Sdha, short for succinate dehydrogenase subunit A, is a key component of the succinate dehydrogenase complex. This complex is involved in the tricarboxylic acid (TCA) cycle and mitochondrial respiratory chain, playing a crucial role in cellular energy metabolism [1,2,3,4,5,6,7].

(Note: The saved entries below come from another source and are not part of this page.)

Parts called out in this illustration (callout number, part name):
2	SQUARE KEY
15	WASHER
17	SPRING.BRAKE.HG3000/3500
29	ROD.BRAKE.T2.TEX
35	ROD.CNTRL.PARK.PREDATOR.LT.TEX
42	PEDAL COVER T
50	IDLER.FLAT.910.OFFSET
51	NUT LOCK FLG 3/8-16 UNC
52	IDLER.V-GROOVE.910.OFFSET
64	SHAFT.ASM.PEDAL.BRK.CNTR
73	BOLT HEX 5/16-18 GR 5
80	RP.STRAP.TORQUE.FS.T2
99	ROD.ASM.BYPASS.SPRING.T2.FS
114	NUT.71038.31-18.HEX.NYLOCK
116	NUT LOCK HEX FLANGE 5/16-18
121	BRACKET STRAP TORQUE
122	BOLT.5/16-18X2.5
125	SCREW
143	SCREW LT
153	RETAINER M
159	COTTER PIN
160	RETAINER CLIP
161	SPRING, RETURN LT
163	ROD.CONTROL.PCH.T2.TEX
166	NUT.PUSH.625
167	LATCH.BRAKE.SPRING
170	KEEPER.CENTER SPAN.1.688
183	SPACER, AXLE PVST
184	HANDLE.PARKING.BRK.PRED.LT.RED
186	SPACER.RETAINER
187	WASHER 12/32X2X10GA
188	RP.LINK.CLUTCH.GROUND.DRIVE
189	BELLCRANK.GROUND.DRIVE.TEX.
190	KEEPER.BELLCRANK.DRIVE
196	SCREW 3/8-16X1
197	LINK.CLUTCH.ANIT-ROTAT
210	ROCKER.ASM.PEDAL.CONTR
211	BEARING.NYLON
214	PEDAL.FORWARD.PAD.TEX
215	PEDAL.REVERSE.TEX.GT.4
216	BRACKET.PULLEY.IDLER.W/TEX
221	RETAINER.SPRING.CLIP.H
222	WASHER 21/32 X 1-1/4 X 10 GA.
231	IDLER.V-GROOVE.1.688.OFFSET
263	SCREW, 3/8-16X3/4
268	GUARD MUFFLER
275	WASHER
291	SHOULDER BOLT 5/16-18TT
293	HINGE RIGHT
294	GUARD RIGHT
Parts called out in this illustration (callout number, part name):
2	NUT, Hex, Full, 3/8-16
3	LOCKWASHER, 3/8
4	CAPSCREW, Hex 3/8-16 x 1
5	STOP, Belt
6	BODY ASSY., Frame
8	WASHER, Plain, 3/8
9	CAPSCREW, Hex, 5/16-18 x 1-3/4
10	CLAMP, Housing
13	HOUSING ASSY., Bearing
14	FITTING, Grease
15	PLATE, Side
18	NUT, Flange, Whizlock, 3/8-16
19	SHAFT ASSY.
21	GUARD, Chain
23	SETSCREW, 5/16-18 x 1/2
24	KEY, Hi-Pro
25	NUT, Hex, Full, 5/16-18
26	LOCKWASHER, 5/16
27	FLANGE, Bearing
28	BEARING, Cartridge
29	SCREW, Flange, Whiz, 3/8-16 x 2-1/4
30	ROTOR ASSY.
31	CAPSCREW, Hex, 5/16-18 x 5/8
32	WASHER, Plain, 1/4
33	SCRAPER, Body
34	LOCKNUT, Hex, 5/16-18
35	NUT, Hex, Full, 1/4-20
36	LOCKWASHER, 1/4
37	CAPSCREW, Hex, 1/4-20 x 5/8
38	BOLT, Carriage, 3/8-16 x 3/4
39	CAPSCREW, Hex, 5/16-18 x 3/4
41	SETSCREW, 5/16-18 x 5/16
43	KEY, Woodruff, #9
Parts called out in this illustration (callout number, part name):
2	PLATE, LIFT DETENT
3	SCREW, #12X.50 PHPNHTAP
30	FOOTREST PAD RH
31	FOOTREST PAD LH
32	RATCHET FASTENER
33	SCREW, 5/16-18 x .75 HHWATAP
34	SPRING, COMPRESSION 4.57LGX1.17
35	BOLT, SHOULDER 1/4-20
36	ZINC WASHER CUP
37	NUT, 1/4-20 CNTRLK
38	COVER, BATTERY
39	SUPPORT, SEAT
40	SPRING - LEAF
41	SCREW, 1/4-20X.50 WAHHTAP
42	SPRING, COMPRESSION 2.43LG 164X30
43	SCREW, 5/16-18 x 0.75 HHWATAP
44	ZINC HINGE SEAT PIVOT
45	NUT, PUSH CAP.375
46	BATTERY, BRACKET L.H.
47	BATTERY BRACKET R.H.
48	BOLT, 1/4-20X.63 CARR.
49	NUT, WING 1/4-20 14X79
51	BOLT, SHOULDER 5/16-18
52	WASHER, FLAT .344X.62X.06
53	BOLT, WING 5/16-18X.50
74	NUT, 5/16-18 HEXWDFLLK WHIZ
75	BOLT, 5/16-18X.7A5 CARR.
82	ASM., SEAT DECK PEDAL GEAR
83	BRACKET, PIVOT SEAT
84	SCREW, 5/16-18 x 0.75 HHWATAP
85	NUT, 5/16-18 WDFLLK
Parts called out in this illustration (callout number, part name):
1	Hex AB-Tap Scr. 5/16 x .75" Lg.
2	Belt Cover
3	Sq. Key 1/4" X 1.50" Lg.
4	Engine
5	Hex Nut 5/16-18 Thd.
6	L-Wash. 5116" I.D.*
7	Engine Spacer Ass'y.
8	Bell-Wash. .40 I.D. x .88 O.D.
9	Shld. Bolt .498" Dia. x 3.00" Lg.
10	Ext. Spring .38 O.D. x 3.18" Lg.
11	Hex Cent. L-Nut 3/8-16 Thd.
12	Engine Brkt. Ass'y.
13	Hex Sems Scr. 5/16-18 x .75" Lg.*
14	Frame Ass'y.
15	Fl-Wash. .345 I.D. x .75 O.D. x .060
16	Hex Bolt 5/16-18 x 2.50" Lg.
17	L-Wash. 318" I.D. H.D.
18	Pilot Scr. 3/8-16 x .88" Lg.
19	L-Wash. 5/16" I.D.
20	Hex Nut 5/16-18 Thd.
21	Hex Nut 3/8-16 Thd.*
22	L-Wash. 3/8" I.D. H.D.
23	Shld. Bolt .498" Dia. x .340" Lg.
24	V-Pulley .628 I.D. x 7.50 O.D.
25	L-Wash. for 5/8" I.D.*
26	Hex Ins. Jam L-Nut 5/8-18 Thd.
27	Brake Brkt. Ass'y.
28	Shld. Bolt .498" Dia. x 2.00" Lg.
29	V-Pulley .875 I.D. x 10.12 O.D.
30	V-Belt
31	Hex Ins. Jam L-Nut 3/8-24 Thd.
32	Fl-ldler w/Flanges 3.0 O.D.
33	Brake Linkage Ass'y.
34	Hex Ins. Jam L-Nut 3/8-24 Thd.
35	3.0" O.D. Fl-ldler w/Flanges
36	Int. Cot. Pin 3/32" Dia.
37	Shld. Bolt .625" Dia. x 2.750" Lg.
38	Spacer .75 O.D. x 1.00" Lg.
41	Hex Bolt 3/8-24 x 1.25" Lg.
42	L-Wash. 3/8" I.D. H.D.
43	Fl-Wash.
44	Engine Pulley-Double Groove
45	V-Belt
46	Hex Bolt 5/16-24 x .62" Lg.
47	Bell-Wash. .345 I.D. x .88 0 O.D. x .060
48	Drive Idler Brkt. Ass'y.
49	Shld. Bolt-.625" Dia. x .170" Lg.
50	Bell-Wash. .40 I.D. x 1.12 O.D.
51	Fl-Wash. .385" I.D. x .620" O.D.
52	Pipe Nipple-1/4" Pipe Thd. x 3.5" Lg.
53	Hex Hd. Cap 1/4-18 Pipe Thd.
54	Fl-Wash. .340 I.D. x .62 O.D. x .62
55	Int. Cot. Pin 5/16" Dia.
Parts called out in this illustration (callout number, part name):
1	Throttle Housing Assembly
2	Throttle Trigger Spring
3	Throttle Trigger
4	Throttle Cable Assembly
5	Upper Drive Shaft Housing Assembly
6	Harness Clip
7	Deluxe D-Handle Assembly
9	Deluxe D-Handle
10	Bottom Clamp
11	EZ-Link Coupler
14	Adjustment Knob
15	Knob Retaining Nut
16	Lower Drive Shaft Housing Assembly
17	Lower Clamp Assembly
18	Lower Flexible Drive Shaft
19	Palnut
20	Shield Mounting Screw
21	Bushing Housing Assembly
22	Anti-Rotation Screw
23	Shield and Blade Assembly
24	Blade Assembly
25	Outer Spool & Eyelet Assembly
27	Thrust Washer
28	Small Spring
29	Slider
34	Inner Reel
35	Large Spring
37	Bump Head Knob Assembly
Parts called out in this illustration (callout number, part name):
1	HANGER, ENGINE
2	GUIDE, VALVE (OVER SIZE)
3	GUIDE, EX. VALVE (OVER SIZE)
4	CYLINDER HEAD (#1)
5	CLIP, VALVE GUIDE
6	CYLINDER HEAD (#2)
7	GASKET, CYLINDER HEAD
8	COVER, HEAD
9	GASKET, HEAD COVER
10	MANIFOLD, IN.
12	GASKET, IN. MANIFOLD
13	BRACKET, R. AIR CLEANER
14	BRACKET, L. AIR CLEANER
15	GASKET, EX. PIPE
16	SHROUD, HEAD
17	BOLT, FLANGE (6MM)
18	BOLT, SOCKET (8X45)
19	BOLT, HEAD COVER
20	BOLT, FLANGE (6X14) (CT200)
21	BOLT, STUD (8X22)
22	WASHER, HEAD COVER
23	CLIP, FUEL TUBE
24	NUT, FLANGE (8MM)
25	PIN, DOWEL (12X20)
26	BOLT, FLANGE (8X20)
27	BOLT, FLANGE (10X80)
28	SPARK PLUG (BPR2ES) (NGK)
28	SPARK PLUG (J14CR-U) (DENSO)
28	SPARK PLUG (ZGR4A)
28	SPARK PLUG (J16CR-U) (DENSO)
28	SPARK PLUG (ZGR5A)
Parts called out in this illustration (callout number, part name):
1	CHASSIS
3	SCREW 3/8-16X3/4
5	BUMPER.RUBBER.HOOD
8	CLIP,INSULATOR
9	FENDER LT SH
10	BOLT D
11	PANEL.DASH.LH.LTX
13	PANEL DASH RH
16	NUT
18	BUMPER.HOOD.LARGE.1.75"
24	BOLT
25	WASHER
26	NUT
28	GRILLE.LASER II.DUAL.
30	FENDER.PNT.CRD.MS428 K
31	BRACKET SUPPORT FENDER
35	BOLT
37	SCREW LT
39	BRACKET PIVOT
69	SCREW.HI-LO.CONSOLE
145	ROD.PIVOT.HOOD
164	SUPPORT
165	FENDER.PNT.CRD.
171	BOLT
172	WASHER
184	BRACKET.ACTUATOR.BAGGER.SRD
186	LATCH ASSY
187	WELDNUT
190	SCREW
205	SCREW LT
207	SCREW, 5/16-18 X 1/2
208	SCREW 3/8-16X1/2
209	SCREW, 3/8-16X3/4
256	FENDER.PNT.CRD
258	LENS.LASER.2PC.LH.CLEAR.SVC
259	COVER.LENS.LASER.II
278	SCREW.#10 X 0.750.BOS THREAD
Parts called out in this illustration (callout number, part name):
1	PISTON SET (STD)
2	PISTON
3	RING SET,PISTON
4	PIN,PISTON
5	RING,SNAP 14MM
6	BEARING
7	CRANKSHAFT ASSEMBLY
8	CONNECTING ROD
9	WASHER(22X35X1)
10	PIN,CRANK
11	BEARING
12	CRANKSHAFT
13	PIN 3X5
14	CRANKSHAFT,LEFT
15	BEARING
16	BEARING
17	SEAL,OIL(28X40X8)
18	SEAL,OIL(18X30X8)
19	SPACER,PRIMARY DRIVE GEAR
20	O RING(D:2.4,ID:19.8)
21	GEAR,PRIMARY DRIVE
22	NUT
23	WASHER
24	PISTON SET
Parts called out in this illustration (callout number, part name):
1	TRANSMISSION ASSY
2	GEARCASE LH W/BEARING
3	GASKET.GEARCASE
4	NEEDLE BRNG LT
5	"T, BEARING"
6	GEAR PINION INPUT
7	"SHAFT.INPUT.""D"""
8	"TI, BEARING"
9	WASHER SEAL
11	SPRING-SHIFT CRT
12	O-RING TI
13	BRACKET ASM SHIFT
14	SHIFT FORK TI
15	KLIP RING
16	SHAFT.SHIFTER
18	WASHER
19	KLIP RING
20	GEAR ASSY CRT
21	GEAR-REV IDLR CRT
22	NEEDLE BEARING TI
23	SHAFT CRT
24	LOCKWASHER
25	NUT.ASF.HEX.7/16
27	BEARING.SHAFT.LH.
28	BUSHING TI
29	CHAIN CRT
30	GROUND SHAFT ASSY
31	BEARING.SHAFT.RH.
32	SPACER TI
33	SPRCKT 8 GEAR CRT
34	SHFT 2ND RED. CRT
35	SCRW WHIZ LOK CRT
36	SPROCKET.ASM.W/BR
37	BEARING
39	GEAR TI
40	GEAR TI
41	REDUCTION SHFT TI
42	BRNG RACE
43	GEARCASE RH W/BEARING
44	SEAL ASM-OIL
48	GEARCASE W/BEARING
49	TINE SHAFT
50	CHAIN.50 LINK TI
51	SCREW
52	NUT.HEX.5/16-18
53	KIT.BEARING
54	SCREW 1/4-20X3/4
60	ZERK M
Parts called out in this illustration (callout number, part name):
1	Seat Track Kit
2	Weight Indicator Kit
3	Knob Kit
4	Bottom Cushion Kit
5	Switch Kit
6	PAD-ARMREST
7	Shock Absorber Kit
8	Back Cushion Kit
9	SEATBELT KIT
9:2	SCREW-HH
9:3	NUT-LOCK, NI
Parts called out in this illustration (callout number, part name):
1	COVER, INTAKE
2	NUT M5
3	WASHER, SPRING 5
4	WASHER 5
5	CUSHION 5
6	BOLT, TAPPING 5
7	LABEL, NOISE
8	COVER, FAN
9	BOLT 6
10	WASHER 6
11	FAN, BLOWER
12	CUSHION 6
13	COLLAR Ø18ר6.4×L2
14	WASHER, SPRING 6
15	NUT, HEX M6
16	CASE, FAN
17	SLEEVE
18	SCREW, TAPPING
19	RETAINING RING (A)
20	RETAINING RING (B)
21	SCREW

Loss-of-function of the succinate dehydrogenase complex is seen in 20-40% of all KIT/PDGFRA-negative gastrointestinal stromal tumors (GISTs). Among SDH-deficient GISTs, SDHA mutations are the most common (30%), leading to loss of SDHA and SDHB protein expression [1]. SDHA pathogenic germline variants (PGVs) are identified in up to 10% of patients with paraganglioma and phaeochromocytoma and up to 30% with wild-type GISTs [2]. In phaeochromocytomas and paragangliomas, SDHA PVs account for up to 2.8% of cases, with tumors often presenting as single ones, commonly in the head and neck or abdomen, and a 25.5% metastasis rate [3]. In hepatocellular carcinoma, downregulation of SDHA/B is observed, promoting cancer proliferation by stabilizing YAP/TAZ [4]. In diabetic cardiomyopathy, CAV1 binds with SDHA, triggering its ubiquitination and degradation, resulting in mitochondrial dysfunction, which can be alleviated by LNT [6]. In primary antibody deficiency, SDHA gain-of-function leads to fumarate accumulation, engaging the KEAP1-Nrf2 system to drive inflammatory cytokine transcription [7].

In conclusion, Sdha is essential for normal cellular energy metabolism. Its dysregulation, as revealed through various disease-related studies rather than KO/CKO mouse models in the provided references, is associated with multiple diseases including GISTs, paraganglioma, phaeochromocytoma, hepatocellular carcinoma, diabetic cardiomyopathy, and primary antibody deficiency. Understanding Sdha's role in these conditions may provide insights for disease management and treatment.